Use clear nouns and task verbs (“install,” “authenticate,” “limits,” “pricing”).
Refresh high‑traffic or high‑risk entries at least quarterly; hot paths monthly.

Discoverability: helping AI systems find your llms.txt

Discovery isn’t guaranteed, so add gentle hints across your site. Some AI crawlers look for common filenames at the root; others follow links or ecosystem directories mentioned by the spec.

Linking strategies (robots.txt hints, sitemap references, site footer)

In robots.txt, add an informational comment and absolute URL:

# LLM sources: https://example.com/llms.txt
# Full context: https://example.com/llms-full.txt

Link llms.txt from your docs footer or “For AI and developers” page.
Optionally mention llms.txt in your About/Legal pages and submit your domain to community directories referenced by the official spec.

Checklist: publish, validate, govern, measure

Define scope and owner; list 10–30 must‑include pages first.
Draft /llms.txt with clean summaries; add updated dates and absolute URLs.
(Optional) Create /llms-full.txt for 3–5 cornerstone docs.
Validate structure, links, and summary length; add CI checks.
Publish at the site root; add discovery hints and directory submissions.
Review monthly; rotate stale entries out and update summaries.
Run prompt tests in two LLMs and track answer quality.
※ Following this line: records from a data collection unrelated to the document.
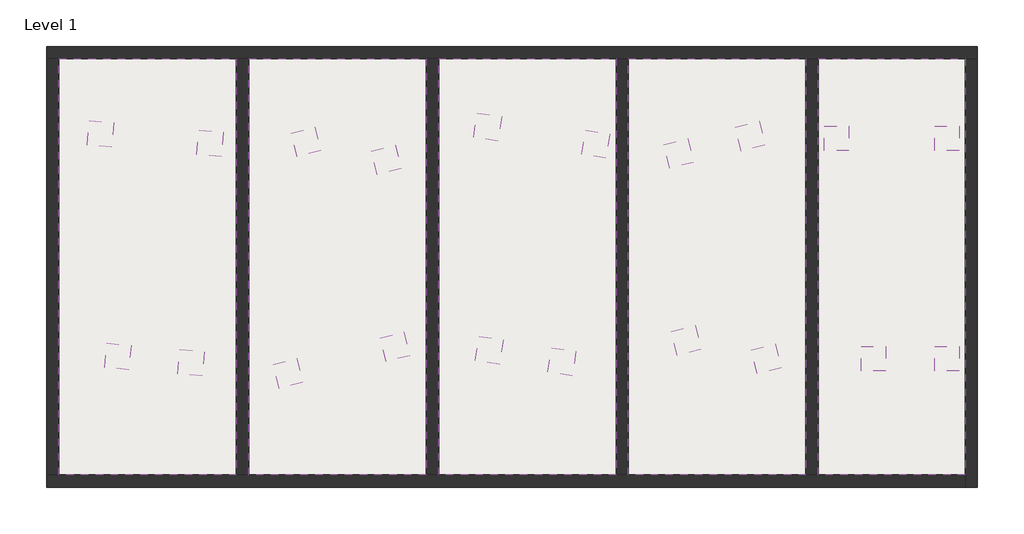
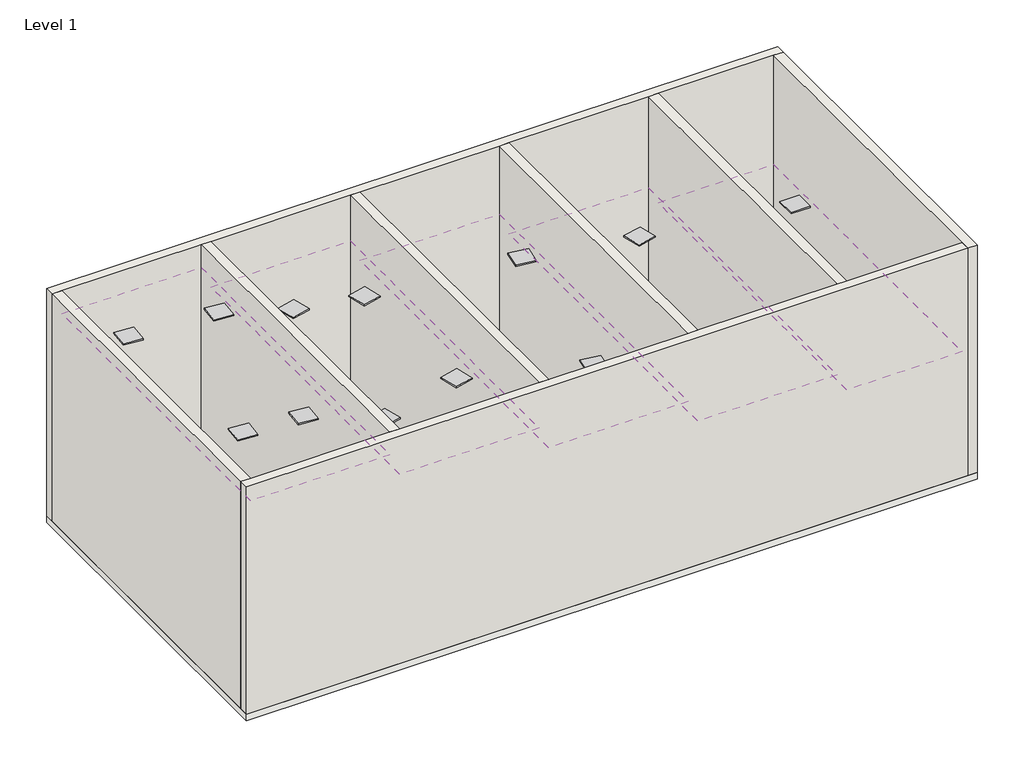
# One storey: 20 light fixtures, 8 walls, 5 coverings, 1 slab.
"""IFC4 building model written with IfcOpenShell, lengths in millimetres."""

import ifcopenshell
import ifcopenshell.guid

model = None  # the IFC model being written
_history = None  # IfcOwnerHistory: only IFC2X3 demands one
_inside = {}  # id of a spatial element -> (the spatial element, [elements in it])
_under = {}  # id of a project, library or spatial element -> (it, [spatial elements below it])
_declared = {}  # id of a project -> (the project, [libraries it declares])
_typed = {}  # id of a type object -> (the type object, [elements of that type])
_made_of = {}  # id of a material, layer set ... -> (it, [elements and type objects made of it])


def new_model(schema):
    """Start an empty IFC model of exactly this schema.

    Asked for "IFC4X3", IfcOpenShell would pick the latest addendum, in which some entities
    have other attributes; the version numbers below select the first issue.
    IFC2X3 requires an IfcOwnerHistory on every rooted entity: one is made here for all.
    """
    global model, _history
    if schema == "IFC4X3":
        model = ifcopenshell.file(schema_version=(4, 3, 0, 0))
    else:
        model = ifcopenshell.file(schema=schema)
    _inside.clear()
    _under.clear()
    _declared.clear()
    _typed.clear()
    _made_of.clear()
    _history = None
    if model.schema == "IFC2X3":
        org = make("IfcOrganization", Name="unknown")
        user = make(
            "IfcPersonAndOrganization",
            ThePerson=make("IfcPerson", FamilyName="unknown"),
            TheOrganization=org,
        )
        app = make(
            "IfcApplication",
            ApplicationDeveloper=org,
            Version="unknown",
            ApplicationFullName="unknown",
            ApplicationIdentifier="unknown",
        )
        _history = make(
            "IfcOwnerHistory",
            OwningUser=user,
            OwningApplication=app,
            ChangeAction="ADDED",
            CreationDate=0,
        )
    return model


def make(cls, **values):
    """One entity of the class cls with the attributes given. An attribute that is None is left unset."""
    return model.create_entity(
        cls, **{name: value for name, value in values.items() if value is not None}
    )


def rooted(cls, **values):
    """An entity with a GlobalId (a new one), such as an element, a storey or a relation."""
    return make(cls, GlobalId=ifcopenshell.guid.new(), OwnerHistory=_history, **values)


def si_unit(unit_type, name, prefix=None):
    """IfcSIUnit, for example si_unit("LENGTHUNIT", "METRE", prefix="MILLI")."""
    return make("IfcSIUnit", UnitType=unit_type, Prefix=prefix, Name=name)


def assignment(units):
    """IfcUnitAssignment: the units of a project."""
    return None if units is None else make("IfcUnitAssignment", Units=units)


def point(xyz):
    """IfcCartesianPoint."""
    return None if xyz is None else make("IfcCartesianPoint", Coordinates=xyz)


def direction(xyz):
    """IfcDirection."""
    return None if xyz is None else make("IfcDirection", DirectionRatios=xyz)


def frame(location, z_axis=None, x_axis=None):
    """IfcAxis2Placement3D, a coordinate frame: its origin and axes. An axis left out is left unset."""
    return make(
        "IfcAxis2Placement3D",
        Location=point(location),
        Axis=direction(z_axis),
        RefDirection=direction(x_axis),
    )


def origin():
    """The frame at (0, 0, 0) with its axes left unset."""
    return frame((0.0, 0.0, 0.0))


def origin_with_axes():
    """The frame at (0, 0, 0) with the z axis (0, 0, 1) and the x axis (1, 0, 0) written out."""
    return frame((0.0, 0.0, 0.0), z_axis=(0.0, 0.0, 1.0), x_axis=(1.0, 0.0, 0.0))


def place(relative_to, where):
    """IfcLocalPlacement: puts the frame where relative to a parent placement (None: the world)."""
    return make(
        "IfcLocalPlacement", PlacementRelTo=relative_to, RelativePlacement=where
    )


def context(
    kind, dimensions, precision=None, world=None, true_north=None, identifier=None
):
    """IfcGeometricRepresentationContext, for example the 3D "Model" context."""
    return make(
        "IfcGeometricRepresentationContext",
        ContextIdentifier=identifier,
        ContextType=kind,
        CoordinateSpaceDimension=dimensions,
        Precision=precision,
        WorldCoordinateSystem=world,
        TrueNorth=true_north,
    )


def project(units=None, contexts=None):
    """IfcProject with its units and contexts."""
    return rooted(
        "IfcProject",
        Name="project",
        RepresentationContexts=contexts,
        UnitsInContext=assignment(units),
    )


def spatial(cls, under=None, at=None, **own):
    """A site, building, storey or space (cls), placed at a placement, below another one or the project."""
    s = rooted(cls, ObjectPlacement=at, **own)
    if under is not None:
        _under.setdefault(under.id(), (under, []))[1].append(s)
    return s


def polyline(points):
    """IfcPolyline through the points."""
    return make("IfcPolyline", Points=[point(p) for p in points])


def outline(outer, holes=None, kind="AREA"):
    """IfcArbitraryClosedProfileDef: a profile drawn as a closed curve; with holes, ...WithVoids."""
    if holes is None:
        return make("IfcArbitraryClosedProfileDef", ProfileType=kind, OuterCurve=outer)
    return make(
        "IfcArbitraryProfileDefWithVoids",
        ProfileType=kind,
        OuterCurve=outer,
        InnerCurves=holes,
    )


def extrude(swept, where, along, depth):
    """IfcExtrudedAreaSolid: the profile swept, set in the frame where, extruded along a direction by depth."""
    return make(
        "IfcExtrudedAreaSolid",
        SweptArea=swept,
        Position=where,
        ExtrudedDirection=direction(along),
        Depth=depth,
    )


def faces_of(points, faces, orient=None, outer=None):
    """IfcFace entities. A face is a list of loops; a loop is a list of indices into points, from 0.

    orient and outer hold one flag for each loop. By default every Orientation is true, the
    first loop of a face is its IfcFaceOuterBound and the others are IfcFaceBound.
    """
    made = []
    for i, loops in enumerate(faces):
        bounds = []
        for j, loop in enumerate(loops):
            is_outer = j == 0 if outer is None else outer[i][j]
            bounds.append(
                make(
                    "IfcFaceOuterBound" if is_outer else "IfcFaceBound",
                    Bound=make("IfcPolyLoop", Polygon=[points[k] for k in loop]),
                    Orientation=True if orient is None else orient[i][j],
                )
            )
        made.append(make("IfcFace", Bounds=bounds))
    return made


def faceted_brep(points, faces, orient=None, outer=None, voids=None):
    """IfcFacetedBrep: a solid bounded by flat faces; with voids (closed shells), ...WithVoids."""
    shared = [point(p) for p in points]
    hull = make("IfcClosedShell", CfsFaces=faces_of(shared, faces, orient, outer))
    if voids is None:
        return make("IfcFacetedBrep", Outer=hull)
    return make(
        "IfcFacetedBrepWithVoids",
        Outer=hull,
        Voids=[
            make(cls, CfsFaces=faces_of(shared, fs, o, b)) for cls, fs, o, b in voids
        ],
    )


def shape(context_of_items, identifier, shape_type, items):
    """IfcShapeRepresentation: the items that make up one representation, for example the "Body"."""
    return make(
        "IfcShapeRepresentation",
        ContextOfItems=context_of_items,
        RepresentationIdentifier=identifier,
        RepresentationType=shape_type,
        Items=items,
    )


def source(mapping_origin, context_of_items, identifier, shape_type, items):
    """IfcRepresentationMap: a shape defined once, which mapped items show again and again."""
    return make(
        "IfcRepresentationMap",
        MappingOrigin=mapping_origin,
        MappedRepresentation=shape(context_of_items, identifier, shape_type, items),
    )


def transform(
    local_origin,
    x_axis=None,
    y_axis=None,
    z_axis=None,
    scale=None,
    scale2=None,
    scale3=None,
    uniform=True,
):
    """IfcCartesianTransformationOperator3D, or its non-uniform kind. x_axis, y_axis, z_axis: its Axis1, 2, 3."""
    if uniform:
        return make(
            "IfcCartesianTransformationOperator3D",
            Axis1=direction(x_axis),
            Axis2=direction(y_axis),
            LocalOrigin=point(local_origin),
            Scale=scale,
            Axis3=direction(z_axis),
        )
    return make(
        "IfcCartesianTransformationOperator3DnonUniform",
        Axis1=direction(x_axis),
        Axis2=direction(y_axis),
        LocalOrigin=point(local_origin),
        Scale=scale,
        Axis3=direction(z_axis),
        Scale2=scale2,
        Scale3=scale3,
    )


def mapped(mapping_source, mapping_target):
    """IfcMappedItem: shows the shape of a source again, moved by a transform."""
    return make(
        "IfcMappedItem", MappingSource=mapping_source, MappingTarget=mapping_target
    )


def made_of(thing, what):
    """Note that an element or type object is made of a material, layer set ...; save() writes the relation."""
    if what is not None:
        _made_of.setdefault(what.id(), (what, []))[1].append(thing)
    return thing


def element(
    cls,
    number,
    at=None,
    inside=None,
    cuts=None,
    type_object=None,
    material=None,
    context=None,
    identifier="Body",
    shape_type=None,
    held_by="IfcProductDefinitionShape",
    body=None,
    shapes=None,
    **own,
):
    """One element of the class cls, such as IfcWall. Its Tag is "e" and its number.

    at: its placement. inside: the storey or other place that contains it. cuts: it is an
    opening in that element (IfcRelVoidsElement). A single representation is given by context,
    identifier, shape_type and body (its items); several are given by shapes. held_by: the class
    of the entity that holds the representations. save() writes the other relations.
    """
    e = rooted(cls, Tag="e%d" % number, ObjectPlacement=at, **own)
    if body is not None:
        shapes = [shape(context, identifier, shape_type, body)]
    if shapes is not None:
        e.Representation = make(held_by, Representations=shapes)
    if inside is not None:
        _inside.setdefault(inside.id(), (inside, []))[1].append(e)
    if cuts is not None:
        rooted(
            "IfcRelVoidsElement", RelatingBuildingElement=cuts, RelatedOpeningElement=e
        )
    if type_object is not None:
        _typed.setdefault(type_object.id(), (type_object, []))[1].append(e)
    return made_of(e, material)


def aggregate(whole, parts):
    """IfcRelAggregates: a whole, such as a stair, and the parts it consists of."""
    return rooted("IfcRelAggregates", RelatingObject=whole, RelatedObjects=parts)


def save(model, path):
    """Write the relations noted so far, then the file.

    IfcRelAggregates (storeys below a building ...), IfcRelContainedInSpatialStructure (elements
    in a storey), IfcRelDefinesByType, IfcRelAssociatesMaterial and IfcRelDeclares: one each for
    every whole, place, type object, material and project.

Ongoing measurement and iteration

Measure proxy impact across channels:

Compare AI assistant answers before/after updates; track source citation accuracy.
Watch support deflection, doc search success, and time‑to‑answer.
Monitor branded Q&A on the web; if off‑target sources appear, refine summaries to lift your canonical pages.
Keep a standing backlog of candidates to add/remove, and revisit quarterly.

Resources and references

Specification and ecosystem: llmstxt.org (format guidance, fixed path, community directories, and integrations including VitePress/Docusaurus/Drupal).
Background and adoption: industry write‑ups referencing early adopters (e.g., Mintlify) and discussions by practitioners (e.g., on Medium and community forums).
Tools: community CLIs (e.g., llms_txt2ctx), generators/validators linked from the spec’s ecosystem pages, and emerging CMS/framework plugins.
Related standards: robots.txt (crawler access control), sitemap.xml (URL discovery); use them alongside llms.txt without conflating roles.
Docs‑as‑code: integrate generation in your CI for frameworks like VitePress, Docusaurus, Sphinx, or nbdev to export clean .md mirrors.

Notes and cautions:

LLM vendors vary in how they use llms.txt; treat it as strong guidance, not a legal control.
For licensing and training usage, publish explicit policies and coordinate with vendors beyond llms.txt.